▶ _Work item_
What lines of the data below include the word "Continuous"? Report them by copying each.

▶ _Recorded information_
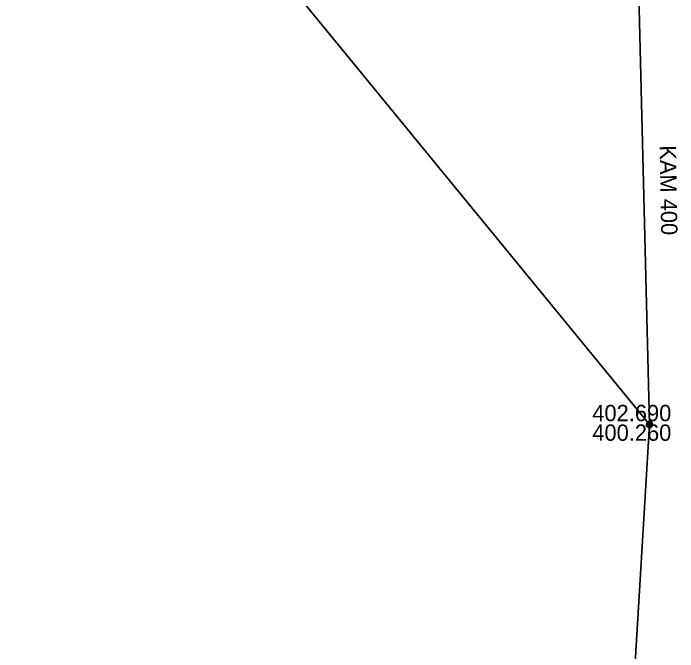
# Model space of a CAD drawing. Extents: x -873619 to -867639, y -1015082 to -1012326.
# Drawn here: x -867910.18 to -867865.47, y -1012859.98 to -1012817 of the extents above; entities that cross this region are included whole.
import ezdxf

# ---------------------------------------------------------------- set-up
doc = ezdxf.new("R2010")
doc.units = 0
doc.header["$LTSCALE"] = 0.44
for name, color, linetype, lineweight in [('1', 7, 'Continuous', 13), ('21', 7, 'Continuous', 35), ('32', 7, 'Continuous', 13)]:
    doc.layers.add(name, color=color, linetype=linetype, lineweight=lineweight)

msp = doc.modelspace()

# ---------------------------------------------------------------- linework, layer by layer
at = {"layer": '21'}
for points in [[(-867931.383, -1012770.263), (-867896.732, -1012808.835), (-867867.37, -1012844.68)], [(-867868.119, -1012814.87), (-867867.37, -1012844.68), (-867869.709, -1012883.46), (-867874.376, -1012932.352)]]:
    msp.add_lwpolyline(points, dxfattribs=at)
at = {"layer": '32'}
for points in [[(-867867.139, -1012844.68), (-867867.145, -1012844.628), (-867867.162, -1012844.578), (-867867.191, -1012844.534), (-867867.228, -1012844.497), (-867867.273, -1012844.47), (-867867.323, -1012844.453), (-867867.376, -1012844.449), (-867867.428, -1012844.456), (-867867.477, -1012844.475), (-867867.52, -1012844.504), (-867867.556, -1012844.543), (-867867.582, -1012844.588), (-867867.598, -1012844.639), (-867867.601, -1012844.691), (-867867.593, -1012844.743), (-867867.573, -1012844.792), (-867867.542, -1012844.835), (-867867.503, -1012844.869), (-867867.457, -1012844.895), (-867867.406, -1012844.909), (-867867.353, -1012844.911), (-867867.302, -1012844.901), (-867867.254, -1012844.88), (-867867.211, -1012844.849), (-867867.177, -1012844.808), (-867867.153, -1012844.762), (-867867.141, -1012844.711)], [(-867867.169, -1012844.68), (-867867.175, -1012844.631), (-867867.192, -1012844.585), (-867867.22, -1012844.545), (-867867.257, -1012844.513), (-867867.301, -1012844.491), (-867867.349, -1012844.48), (-867867.398, -1012844.48), (-867867.445, -1012844.493), (-867867.488, -1012844.517), (-867867.524, -1012844.55), (-867867.551, -1012844.591), (-867867.567, -1012844.638), (-867867.571, -1012844.687), (-867867.564, -1012844.735), (-867867.545, -1012844.78), (-867867.515, -1012844.82), (-867867.477, -1012844.851), (-867867.433, -1012844.871), (-867867.385, -1012844.881), (-867867.336, -1012844.879), (-867867.289, -1012844.864), (-867867.246, -1012844.839), (-867867.212, -1012844.805), (-867867.186, -1012844.763), (-867867.172, -1012844.716)], [(-867867.199, -1012844.68), (-867867.205, -1012844.635), (-867867.222, -1012844.593), (-867867.25, -1012844.558), (-867867.286, -1012844.531), (-867867.328, -1012844.514), (-867867.373, -1012844.509), (-867867.418, -1012844.515), (-867867.459, -1012844.534), (-867867.494, -1012844.562), (-867867.521, -1012844.599), (-867867.537, -1012844.641), (-867867.541, -1012844.686), (-867867.534, -1012844.731), (-867867.515, -1012844.772), (-867867.486, -1012844.806), (-867867.449, -1012844.832), (-867867.406, -1012844.848), (-867867.361, -1012844.851), (-867867.316, -1012844.843), (-867867.276, -1012844.823), (-867867.242, -1012844.794), (-867867.216, -1012844.756), (-867867.202, -1012844.713)], [(-867867.229, -1012844.68), (-867867.233, -1012844.639), (-867867.252, -1012844.602), (-867867.279, -1012844.571), (-867867.314, -1012844.55), (-867867.354, -1012844.539), (-867867.395, -1012844.541), (-867867.434, -1012844.554), (-867867.468, -1012844.578), (-867867.493, -1012844.61), (-867867.508, -1012844.648), (-867867.511, -1012844.689), (-867867.503, -1012844.729), (-867867.483, -1012844.765), (-867867.454, -1012844.794), (-867867.417, -1012844.813), (-867867.377, -1012844.821), (-867867.336, -1012844.817), (-867867.298, -1012844.802), (-867867.266, -1012844.776), (-867867.243, -1012844.742), (-867867.23, -1012844.703)], [(-867867.259, -1012844.68), (-867867.264, -1012844.644), (-867867.282, -1012844.612), (-867867.308, -1012844.587), (-867867.342, -1012844.572), (-867867.378, -1012844.569), (-867867.413, -1012844.577), (-867867.444, -1012844.597), (-867867.467, -1012844.625), (-867867.48, -1012844.659), (-867867.48, -1012844.696), (-867867.469, -1012844.731), (-867867.448, -1012844.76), (-867867.418, -1012844.781), (-867867.383, -1012844.791), (-867867.346, -1012844.789), (-867867.312, -1012844.775), (-867867.285, -1012844.752), (-867867.266, -1012844.72), (-867867.259, -1012844.685)], [(-867867.289, -1012844.68), (-867867.294, -1012844.649), (-867867.311, -1012844.623), (-867867.337, -1012844.606), (-867867.367, -1012844.599), (-867867.398, -1012844.603), (-867867.425, -1012844.62), (-867867.443, -1012844.644), (-867867.451, -1012844.675), (-867867.447, -1012844.705), (-867867.432, -1012844.733), (-867867.407, -1012844.752), (-867867.378, -1012844.761), (-867867.347, -1012844.758), (-867867.319, -1012844.744), (-867867.299, -1012844.72), (-867867.289, -1012844.691)], [(-867867.319, -1012844.68), (-867867.324, -1012844.656), (-867867.341, -1012844.638), (-867867.364, -1012844.629), (-867867.388, -1012844.632), (-867867.409, -1012844.646), (-867867.42, -1012844.668), (-867867.42, -1012844.693), (-867867.407, -1012844.714), (-867867.388, -1012844.728), (-867867.363, -1012844.731), (-867867.34, -1012844.722), (-867867.324, -1012844.704)], [(-867867.349, -1012844.68), (-867867.354, -1012844.665), (-867867.369, -1012844.659), (-867867.384, -1012844.663), (-867867.391, -1012844.677), (-867867.387, -1012844.692), (-867867.374, -1012844.701), (-867867.358, -1012844.698), (-867867.349, -1012844.686)]]:
    msp.add_lwpolyline(points, close=True, dxfattribs=at)

# ---------------------------------------------------------------- texts
at = {"layer": '1'}
msp.add_text('KAM 400 ', height=1.1, rotation=271, dxfattribs=at).set_placement((-867866.691, -1012825.897))
for s, p in [('402.690 ', (-867871.22, -1012844.46)), ('400.260 ', (-867871.22, -1012845.78))]:
    msp.add_text(s, height=1.1, dxfattribs=at).set_placement(p)

doc.saveas('drawing.dxf')
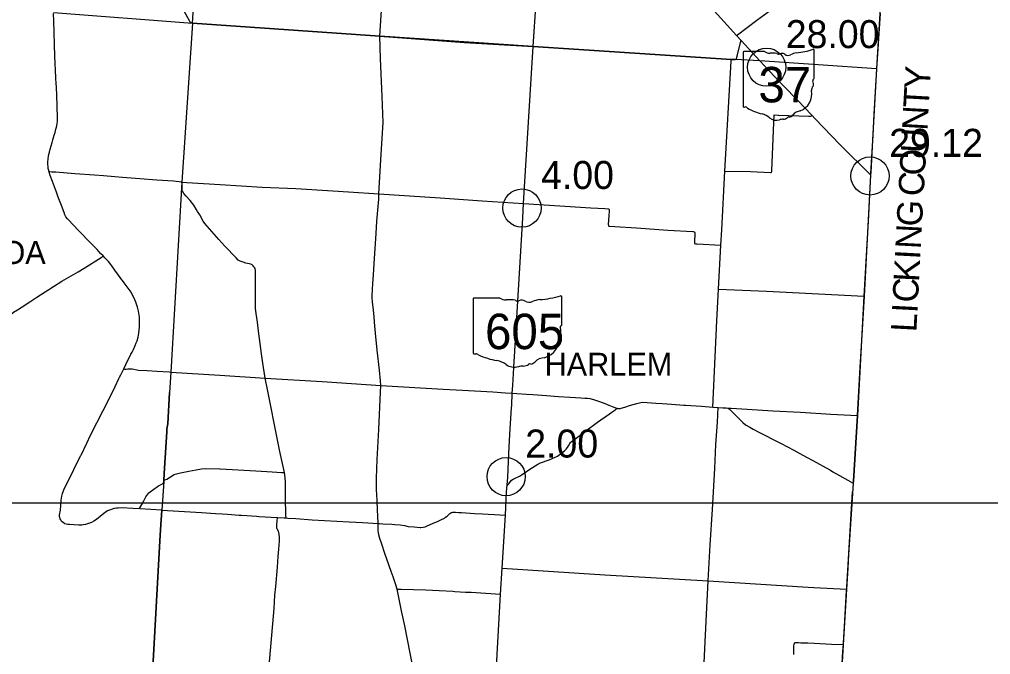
# Model space of a CAD drawing. Extents: x 1729596 to 1934326, y 644115 to 911751.
# Drawn here: x 1863218 to 1901343, y 778712 to 803658 of the extents above; entities that cross this region are included whole.
import ezdxf

# ---------------------------------------------------------------- set-up
doc = ezdxf.new("R2010")
doc.units = 0
for name, color, linetype in [('Default', 7, 'Continuous'), ('GM_X_Adjacent_County', 7, 'Continuous'), ('GM_X_Adjacent_County_Text', 7, 'Continuous'), ('GM_X_County', 7, 'Continuous'), ('GM_X_County_Road', 7, 'Continuous'), ('GM_X_State_Route', 7, 'Continuous'), ('GM_X_State_Shield', 7, 'Continuous'), ('GM_X_Township', 7, 'Continuous'), ('GM_X_Township_Road', 7, 'Continuous'), ('GM_X_Township_Text', 7, 'Continuous'), ('SC_Scratch1', 7, 'Continuous')]:
    doc.layers.add(name, color=color, linetype=linetype)

msp = doc.modelspace()

# ---------------------------------------------------------------- linework, layer by layer
at = {"layer": 'Default'}
for centre in [(1892552, 801780), (1896611, 797510), (1882946, 796248), (1882325, 785700)]:
    msp.add_circle(centre, 750, dxfattribs=at)
at = {"layer": 'GM_X_Adjacent_County'}
msp.add_line((1895282, 774451), (1895925, 785099), dxfattribs=at)
at = {"layer": 'GM_X_County'}
msp.add_lwpolyline([(1897004, 803896), (1896867, 801714), (1896762, 799856), (1896723, 799168), (1896641, 797645), (1896629, 797539), (1896376, 792790), (1896278, 791042), (1896113, 788102), (1895956, 785523), (1895947, 785445), (1895896, 784633), (1895772, 782650), (1895741, 782103), (1895686, 781278), (1895557, 779101), (1895391, 776219)], dxfattribs=at)
at = {"layer": 'GM_X_County_Road'}
for points in [[(1896877, 801685), (1896878, 801713), (1896961, 803039), (1897015, 803890), (1897038, 804349), (1897401, 810812), (1897452, 811576), (1897482, 811930), (1897540, 812982), (1897564, 813416)], [(1867396, 808359), (1867578, 807822), (1867722, 807411), (1867905, 806886), (1867988, 806661), (1868047, 806496), (1868091, 806398), (1868141, 806295), (1868218, 806162), (1868595, 805529), (1868820, 805149), (1868910, 805003), (1868961, 804924), (1869020, 804860), (1869146, 804736), (1869355, 804533), (1869481, 804376), (1869529, 804297), (1869678, 803996), (1869885, 803620), (1869914, 803562), (1869930, 803545)], [(1877369, 802994), (1877508, 805242), (1877600, 806419), (1877627, 806773)], [(1864668, 796879), (1864590, 797083), (1864513, 797287), (1864422, 797530), (1864380, 797664), (1864367, 797719), (1864351, 797802), (1864341, 797885), (1864336, 797962), (1864335, 798045), (1864343, 798179), (1864359, 798293), (1864372, 798348), (1864397, 798443), (1864431, 798566), (1864503, 798820), (1864532, 798925), (1864588, 799118), (1864615, 799218), (1864650, 799343), (1864671, 799432), (1864694, 799556), (1864707, 799664), (1864713, 799761), (1864693, 800283), (1864667, 801023), (1864657, 801114), (1864648, 801383), (1864604, 802208), (1864568, 803602), (1864561, 803891)], [(1869930, 803545), (1869936, 803538), (1870008, 803514), (1877369, 802994)], [(1877332, 796811), (1877420, 798367), (1877499, 799608), (1877454, 800633), (1877398, 802125), (1877369, 802994)], [(1896641, 797536), (1896646, 797601), (1896729, 799110), (1896778, 799931), (1896816, 800595), (1896842, 801059), (1896877, 801685)], [(1869596, 797271), (1869264, 797299), (1868606, 797350), (1867949, 797398), (1867262, 797449), (1866957, 797476), (1866512, 797510), (1866160, 797537), (1865389, 797594), (1864651, 797652), (1864490, 797665), (1864412, 797670), (1864397, 797669), (1864380, 797664)], [(1872512, 792112), (1872490, 792299), (1872490, 792441), (1872490, 792557), (1872490, 792879), (1872488, 793281), (1872492, 793732), (1872489, 793791), (1872473, 793859), (1872454, 793904), (1872424, 793943), (1872389, 793984), (1872352, 794016), (1872303, 794045), (1872239, 794060), (1872103, 794090), (1871997, 794120), (1871888, 794161), (1871806, 794204), (1871722, 794290), (1871282, 794757), (1871051, 795010), (1870503, 795638), (1870435, 795737), (1870300, 795980), (1870212, 796114), (1870156, 796211), (1870067, 796366), (1869918, 796549), (1869770, 796721), (1869677, 796824), (1869643, 796870), (1869617, 796918), (1869609, 796940), (1869604, 796966), (1869603, 796991), (1869604, 797040), (1869606, 797200), (1869596, 797271)], [(1869596, 797271), (1869794, 797255), (1871103, 797168), (1872753, 797073), (1874071, 797014), (1875527, 796924), (1876143, 796885), (1877332, 796811)], [(1896288, 791046), (1896384, 792784), (1896550, 795738), (1896641, 797536)], [(1866503, 794368), (1866405, 794466), (1866272, 794620), (1866088, 794799), (1865870, 795027), (1865711, 795195), (1865579, 795328), (1865290, 795631), (1865178, 795747), (1865101, 795824), (1865042, 795902), (1865004, 795980), (1864969, 796070), (1864868, 796347), (1864745, 796675), (1864687, 796830), (1864668, 796879)], [(1877401, 789284), (1877390, 789464), (1877348, 789877), (1877267, 790662), (1877198, 791335), (1877163, 791768), (1877144, 791994), (1877118, 792235), (1877082, 792567), (1877064, 792727), (1877062, 792815), (1877091, 793291), (1877116, 793631), (1877141, 794076), (1877219, 795256), (1877251, 795728), (1877331, 796597), (1877332, 796811)], [(1877332, 796811), (1879735, 796644), (1881379, 796538), (1883003, 796429), (1885646, 796260), (1886199, 796226), (1886342, 796212), (1886365, 796195), (1886376, 796165), (1886375, 796124), (1886362, 795947), (1886335, 795601), (1886339, 795571), (1886347, 795554), (1886359, 795544), (1886386, 795534), (1886593, 795523), (1887442, 795472), (1888679, 795387), (1889657, 795329), (1889685, 795326), (1889702, 795320), (1889718, 795310), (1889731, 795291), (1889734, 795271), (1889715, 794891), (1889718, 794875), (1889726, 794861), (1889758, 794850), (1889831, 794843), (1890758, 794790)], [(1862331, 790993), (1862331, 790993), (1862425, 791233), (1862464, 791347), (1862553, 791556), (1862621, 791712), (1862718, 791870), (1862878, 792073), (1862988, 792163), (1863137, 792257), (1863326, 792369), (1863622, 792566), (1863901, 792746), (1864887, 793380), (1865528, 793748), (1865763, 793892), (1866421, 794305), (1866453, 794326), (1866503, 794368)], [(1867241, 793436), (1867175, 793524), (1867110, 793619), (1866968, 793805), (1866845, 793974), (1866805, 794027), (1866710, 794146), (1866624, 794245), (1866569, 794300), (1866503, 794368)], [(1867153, 789604), (1867200, 789700), (1867319, 789935), (1867396, 790101), (1867504, 790327), (1867565, 790450), (1867596, 790512), (1867641, 790592), (1867690, 790690), (1867763, 790847), (1867804, 790955), (1867838, 791037), (1867877, 791180), (1867910, 791333), (1867929, 791569), (1867933, 791826), (1867927, 791967), (1867917, 792047), (1867886, 792196), (1867849, 792363), (1867813, 792478), (1867788, 792552), (1867745, 792648), (1867704, 792736), (1867647, 792848), (1867599, 792941), (1867524, 793055), (1867442, 793157), (1867330, 793312), (1867263, 793407), (1867241, 793436)], [(1872978, 777819), (1873212, 780520), (1873251, 781046), (1873282, 781384), (1873344, 782141), (1873381, 782566), (1873402, 782850), (1873426, 783163), (1873427, 783321), (1873418, 783441), (1873405, 783505), (1873393, 783554), (1873368, 783600), (1873335, 783652), (1873325, 783665), (1873319, 783693), (1873320, 783725), (1873324, 783797), (1873340, 783963), (1873351, 784093), (1873606, 784082), (1873683, 784083), (1873682, 784168), (1873669, 784889), (1873663, 785162), (1873657, 785466), (1873655, 785664), (1873627, 785869), (1873446, 786682), (1873351, 787142), (1872964, 789059), (1872863, 789571), (1872778, 790159), (1872727, 790526), (1872666, 790930), (1872604, 791411), (1872559, 791766), (1872513, 792107), (1872512, 792112)], [(1895958, 785443), (1895961, 785520), (1896121, 788099), (1896226, 789994), (1896288, 791046)], [(1865634, 786531), (1865642, 786548), (1865861, 787020), (1866012, 787331), (1866508, 788298), (1866790, 788861), (1866977, 789237), (1867126, 789549), (1867153, 789604)], [(1872863, 789571), (1875101, 789435), (1877401, 789284), (1879855, 789132), (1880616, 789098), (1881806, 789028), (1882295, 788997), (1882567, 788975)], [(1878692, 778117), (1878562, 778774), (1878349, 779845), (1878222, 780426), (1878129, 780890), (1878049, 781278), (1877993, 781449), (1877886, 781763), (1877812, 781976), (1877647, 782454), (1877568, 782686), (1877444, 783047), (1877370, 783269), (1877325, 783417), (1877310, 783511), (1877305, 783560), (1877299, 783658), (1877295, 783854), (1877283, 784157), (1877278, 784375), (1877260, 784771), (1877240, 785195), (1877237, 785645), (1877265, 786378), (1877326, 787557), (1877396, 789022), (1877401, 789284)], [(1882567, 788975), (1882741, 788963), (1883125, 788937), (1883370, 788921), (1883909, 788888), (1884378, 788846), (1884839, 788818), (1885253, 788795), (1885410, 788787), (1885513, 788777), (1885610, 788763), (1885755, 788729), (1885907, 788682), (1886172, 788583), (1886362, 788508), (1886482, 788459), (1886595, 788414), (1886653, 788392), (1886680, 788385), (1886713, 788376), (1886731, 788374), (1886750, 788372), (1886768, 788373), (1886797, 788377), (1887028, 788442), (1887172, 788488), (1887461, 788573), (1887615, 788617), (1887686, 788622), (1887858, 788617), (1888201, 788587), (1888444, 788572), (1888821, 788548), (1889303, 788508), (1889365, 788503), (1889989, 788465), (1890439, 788430), (1890646, 788418), (1890829, 788409), (1890966, 788400), (1891025, 788386), (1891044, 788379), (1891062, 788369), (1891080, 788359), (1891096, 788347), (1891113, 788333), (1891216, 788229), (1891350, 788086), (1891449, 787991), (1891616, 787833), (1891727, 787741), (1891886, 787645), (1892027, 787567), (1892268, 787440), (1892505, 787318), (1892785, 787171), (1893118, 786998), (1893620, 786737), (1893978, 786545), (1894504, 786258), (1894890, 786043), (1895054, 785951), (1895157, 785895), (1895411, 785750), (1895736, 785562), (1895925, 785459), (1895958, 785443)], [(1868439, 777975), (1868734, 783178), (1868751, 783613), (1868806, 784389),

▶ _Written response_
for name, color, linetype, lineweight in [('1', 7, 'Continuous', 13), ('21', 7, 'Continuous', 35), ('32', 7, 'Continuous', 13)]:
for name, color, linetype in [('Default', 7, 'Continuous'), ('GM_X_Adjacent_County', 7, 'Continuous'), ('GM_X_Adjacent_County_Text', 7, 'Continuous'), ('GM_X_County', 7, 'Continuous'), ('GM_X_County_Road', 7, 'Continuous'), ('GM_X_State_Route', 7, 'Continuous'), ('GM_X_State_Shield', 7, 'Continuous'), ('GM_X_Township', 7, 'Continuous'), ('GM_X_Township_Road', 7, 'Continuous'), ('GM_X_Township_Text', 7, 'Continuous'), ('SC_Scratch1', 7, 'Continuous')]:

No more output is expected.